404 $(COBJS) : $(OBJOUTPUTDIR)/%.o : %.c $(EVERYTHING_DEPENDS_ON) | $(OBJOUTPUTDIR)
405     $(COMPILEHOOK)
406     $(CC) $(LISTINGFLAG)=$(@:.o=.lst)  -c $(CPPINC) $(CPPFLAGS)  -MD $(call fixpath,$<) -o $@
407     $(GENERATE_DEPENDENCY)

It doesn't seem like the problem is in the project at all. I have gone so far as to delete the project and pull a fresh copy of the project that built correctly before my cygwin upgrade. But that did not solve the problem.

I wish I could go back to the earlier install of cygwin, but I have no backup. I don't even know which packages were upgraded.

Is there any command-line option that will tell make to print better diagnostic information for a failure, I would appreciate the information. I tried the "all debug info" option:

$ make -j8 -d > make-output 2>&1

Make generated 4.8MB (86K lines) of output and the build succeeded. But this is about as slow as building with one job, which is highly undesireable. Using make -d would also complicate locating real build issues when they happen.

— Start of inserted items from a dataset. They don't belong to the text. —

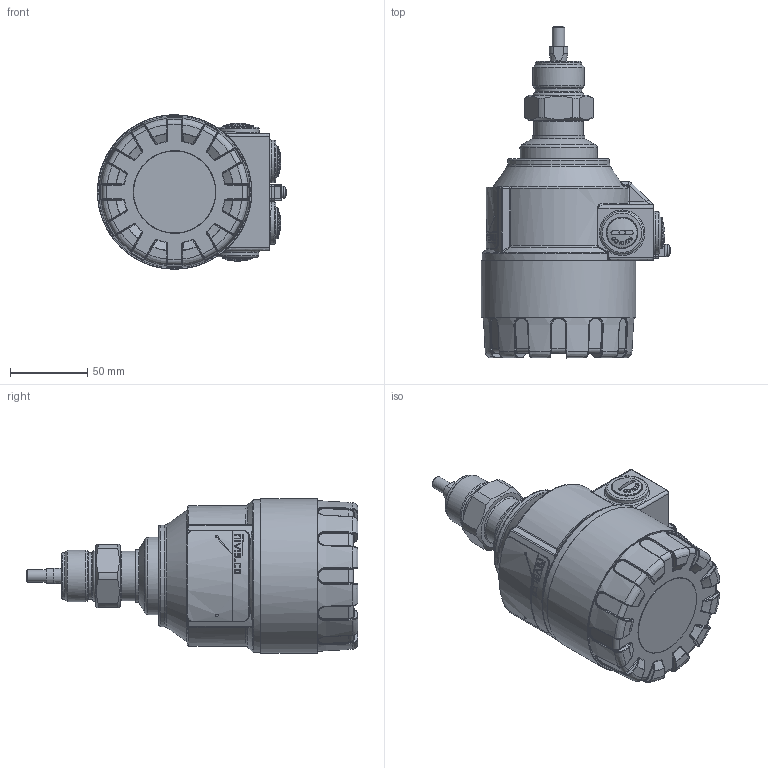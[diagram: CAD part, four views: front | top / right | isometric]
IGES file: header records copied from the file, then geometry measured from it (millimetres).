
Global section: file name: HT_Alu_1 col; native system: Autodesk Inventor 2015; preprocessor: unknown; author: aantal; date: 20150306.111229; units: millimetre
Bounding box: 122.57 x 215 x 100 mm (x, y, z)
Volume: 901166.7 mm3; surface area: 110260.3 mm2
Topology: 12 solids, 12 shells, 1283 faces, 3185 edges, 1970 vertices
Faces by surface type: bspline 1283
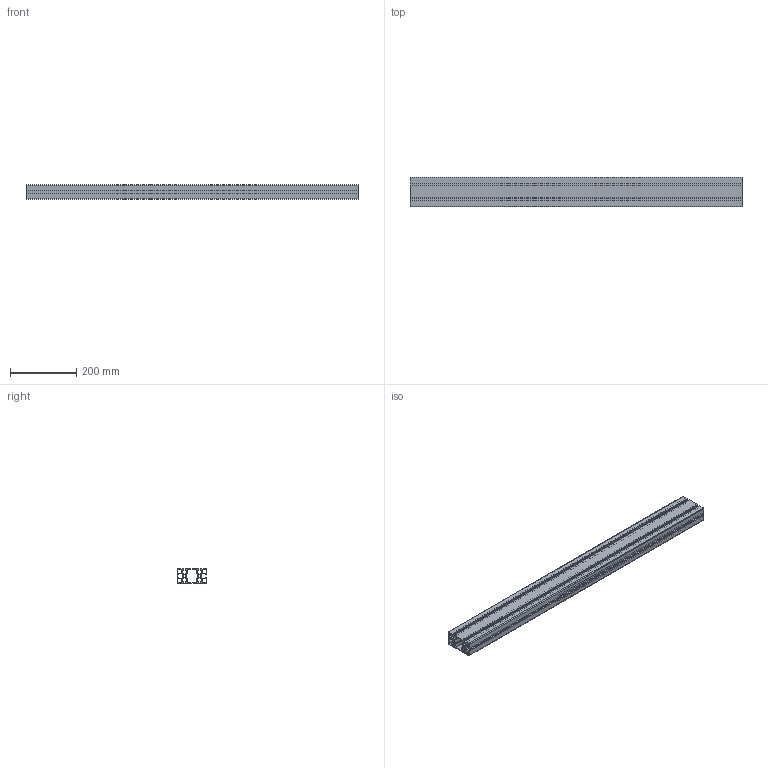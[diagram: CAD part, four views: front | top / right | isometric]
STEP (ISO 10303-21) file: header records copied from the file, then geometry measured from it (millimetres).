
FILE_DESCRIPTION (( 'STEP AP214' ), '1' );
FILE_NAME ('1.0110 45X90 L 2SS 6m 1000mm.STEP', '2026-03-17T07:51:43', ( '' ), ( '' ), 'SwSTEP 2.0', 'SolidWorks 2025', '' );
FILE_SCHEMA (( 'AUTOMOTIVE_DESIGN' ));
Length unit declared in the file: millimetre
Products named in the file (1): 1.0110 45X90 L 2SS 6m 1000mm
Bounding box: 1000 x 90 x 45 mm (x, y, z)
Volume: 1160802.7 mm3; surface area: 939597.4 mm2
Topology: 1 solids, 1 shells, 242 faces, 720 edges, 480 vertices
Faces by surface type: plane 124, cylinder 118
Entity records: 10905 total; most frequent: CARTESIAN_POINT 1443, DIRECTION 1442, ORIENTED_EDGE 1440, EDGE_CURVE 720, LINE 484, VECTOR 484, VERTEX_POINT 480, AXIS2_PLACEMENT_3D 479
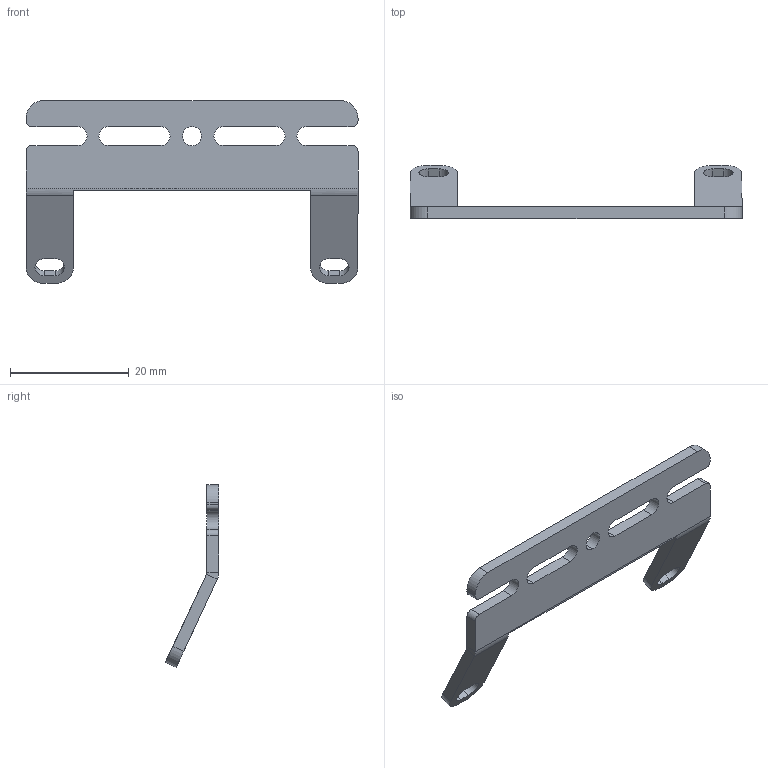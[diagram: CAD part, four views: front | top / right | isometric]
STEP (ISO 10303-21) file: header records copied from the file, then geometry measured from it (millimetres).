
FILE_DESCRIPTION (( 'STEP AP203' ), '1' );
FILE_NAME ('閡僅訇蚾鍼踢.STEP', '2025-09-09T08:19:25', ( '' ), ( '' ), 'SwSTEP 2.0', 'SolidWorks 2020', '' );
FILE_SCHEMA (( 'CONFIG_CONTROL_DESIGN' ));
Length unit declared in the file: millimetre
Products named in the file (1): 閡僅訇蚾鍼踢
Bounding box: 56 x 9 x 30.86 mm (x, y, z)
Volume: 1855.6 mm3; surface area: 2518.9 mm2
Topology: 1 solids, 1 shells, 58 faces, 156 edges, 100 vertices
Faces by surface type: plane 34, cylinder 24
Entity records: 1913 total; most frequent: DIRECTION 326, CARTESIAN_POINT 315, ORIENTED_EDGE 312, EDGE_CURVE 156, AXIS2_PLACEMENT_3D 111, LINE 104, VECTOR 104, VERTEX_POINT 100

Alternately, if the root cause somehow really is an architecture mismatch, is there some way to get make to identify the command it was trying to execute when the error occurred? As it stands now, I do not know which command might be causing the problem, or if indeed the problem really is an architecture mismatch.


Solution

  • The problem looks clearly that make is not able to find a command which has been specified in the makefile due to which it throws 127 error.
    Somehow it is not able to find it either in the cygwin bin directory or in the PATH specified.
    While updating the cygwin package it could happen that some important utilities are not installed or new versions which have some dependencies are either missed.
    Since the root cause you identified is during paralell processing, better would be to a do a test and passing
    -O option to print correct make invocations running in parallel.This option instructs make to save the output from the commands it invokes and print it all once the commands are completed.

    make -j8 -O
    

    Reference link : https://www.gnu.org/software/make/manual/html_node/Parallel-Output.html

    Would be good to do a small test if you feel echo is really an issue with a simple test code in which I compile files parallely and use ${NUMBER_OF_PROCESSORS} which would take the available processors of the system. You can change it to a specific value if you wish.
    Also I have added .SILENT so I dont require to add @ prefix to all for echo. If you want to debug you can just comment it #.SILENT :

    .SILENT:
    .PHONY:compile objs test
    TARGET = program.exe
    CC=gcc
    INC = ./inc
    SOURCES = file_1.c file_2.c file_3.c file_4.c file_5.c
    OBJ_FILES:= $(SOURCES:.c=.o)
    
    
    objs: $(OBJ_FILES)
    
    %.o: %.c
        $(CC) $(CFLAGS) -c $< -o $@
    
    all: test 
    
    # Enable parallel compilation
    compile:
        make -j ${NUMBER_OF_PROCESSORS} -O objs
    
    link : compile $(TARGET)
    
    $(TARGET): $(OBJ_FILES)
        $(CC) $(CFLAGS) $(OBJ_FILES) -o $@
    
    test: link 
        # check echo command
        echo "Executing test script"
    

    Execute using : make test
    Would be good to test if this works for you or not and if there is something really of an issue in parallel execution or echo command.

    EDIT:
    Would be good to test once with disabling the Antivirus as also suggested by @matzeri.